Sent from my GT-I9100 using Tapatalk 2


----------



## Aaran

i use the hb stuff and find the results are good. 
ppg clears are also around your budget price and i know alot of DiY people in the states swear by it on their bodywork forums along with lecher clears.

will grab some ppg on the next thing i paint on mine (sunroof some point this winter) and see how it fares. jsut need my booth up with heating first lol!


----------



## Andyb0127

For the money your looking at spending the only two options I'd recommend would be, Max Meyer, or Lechler. Especially if I'm respraying the whole car.


----------



## Andyb0127

Aaran said:


> i use the hb stuff and find the results are good.
> ppg clears are also around your budget price and i know alot of DiY people in the states swear by it on their bodywork forums along with lecher clears.
> 
> will grab some ppg on the next thing i paint on mine (sunroof some point this winter) and see how it fares. jsut need my booth up with heating first lol!

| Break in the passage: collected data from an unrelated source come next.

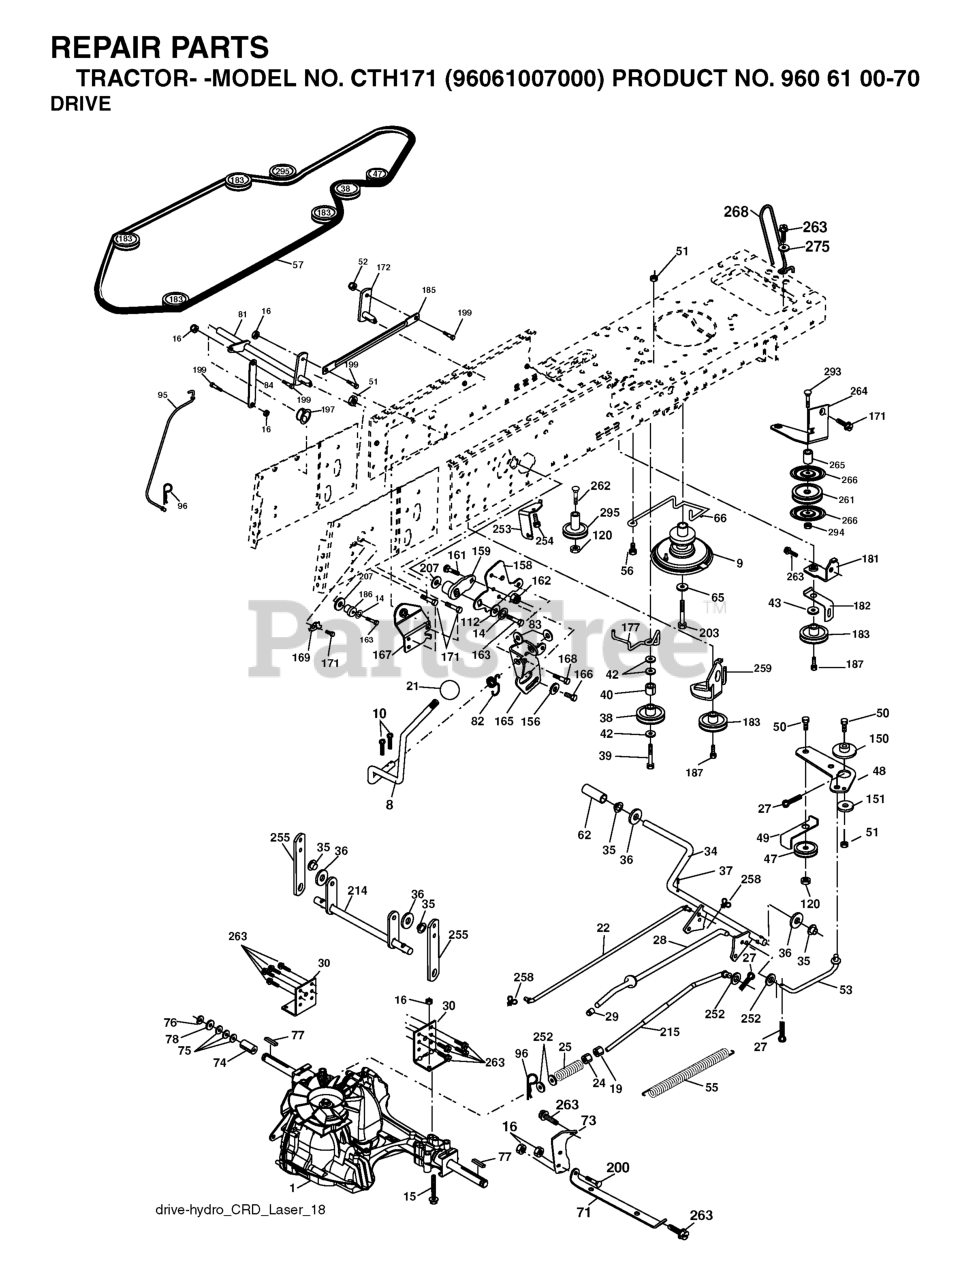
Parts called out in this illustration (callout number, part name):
8	ROD SHIFT FENDER ADJUST LT
9	RP.CLUTCH.NORAM.2006.5
10	PIN COTTER
14	LOCKWASHER
15	BOLT HEX 5/16-18 GR 5
16	NUT.71038.31-18.HEX.NYLOCK
19	NUT
21	KNOB.DUCKHEAD.1/2
22	ROD
24	NUT
25	SPRING BRAKE ROD
27	COTTER PIN
28	ROD, PARKING BRAKE
29	PLUNGER CAP
30	BRKT, TRNSXLE MNT 20"
34	SHAFT, FOOT PEDAL
35	BEARING.NYLON
37	DRIVE PIN
38	PULLEY.FLAT
42	WASHER
47	IDLER PULLEY
48	BELLCRANK, CLUTCH
49	RETAIN BELT
50	BOLT.3/8-16X1.50
52	LOCKNUT
53	LINK.CLUTCH.7.66.2005
55	SPRING, RETURN LT
56	SCREW.3/8-16
57	V-BELT 113"
62	COVER, PEDAL (1 2)
65	LOCKWASHER
66	KEEPER BELT ENGINE
71	STRAP TORQUE RH HYDRO
73	STRAP TORQUE LH HYDRO
74	SPACER AXLE
77	SQUARE KEY
81	ASM.CROSS.SHAFT.REAR.CRD.0510
82	SHIFT SPRING
83	WASHER
84	LINK.PNT.TRANSAXLE.0510.CRD
95	LINK
96	RETAINER M
120	NUT LOCK FLG 3/8-16 UNC
150	BUSHING.BELLCRANK.GRD.DR
151	WASHER 12/32X2X10GA
156	WASHER.SRRTD.5/16
158	BRACKET
159	RB HUB.SHIFT
161	BOLT
162	NUT.CROWNLOCK.1/4
165	RP BRACKET
166	CAPSCREW.HXHD.FLG.5/16-18X.625
167	BRACKET.SUPT.SHIFT.CRD
168	BOLT.SHOULDER.5/16-18X
169	PLATE.FASTENING.CROSS.SHAFT
172	LINK
181	BRACKET
182	BELT GUIDE
183	PULLEY.V-IDLER.GRND.DR
184	SCREW.HXWSH.3/8
185	LINK
186	HUB.TAPERED.ROUND.CRD
187	BOLT.5/16-18X1.25
197	NYLINER SNAP 5/8" ID
199	BOLT SHOULDER 5/16-18 UNC
203	BOLT.HEX.7/16-20 X 5
207	WASHER NYL
214	LEVER
215	ROD
252	WASHER
254	SCREW 3/8-16X1
255	SHAFT
258	CLIP RETAINER
259	BRACKET
261	FLAT IDLER PULLEY
263	SCREW, 3/8-16X3/4
266	PROTECTOR
268	GUARD MUFFLER
275	WASHER
292	SPACER
293	BOLT.RDHD SQNK 3/8-16 X 3-1/2
294	NUT.HEX.3/8-16
295	PULLEY IDLER COMPOSITE

Max Meyer paints are made and part of ppg products.


----------



## e30sport32

Lesonal 420 hs very good clear made by sikkens and a good price too, should be with in your budget.


----------



## andyrst

max meyer 0300 is what you want,


----------



## MK1Campaign

Max Meyer is very good for the money.


----------



## Aaran

would you say ppg are any good andy? or is the max meyer better stuff?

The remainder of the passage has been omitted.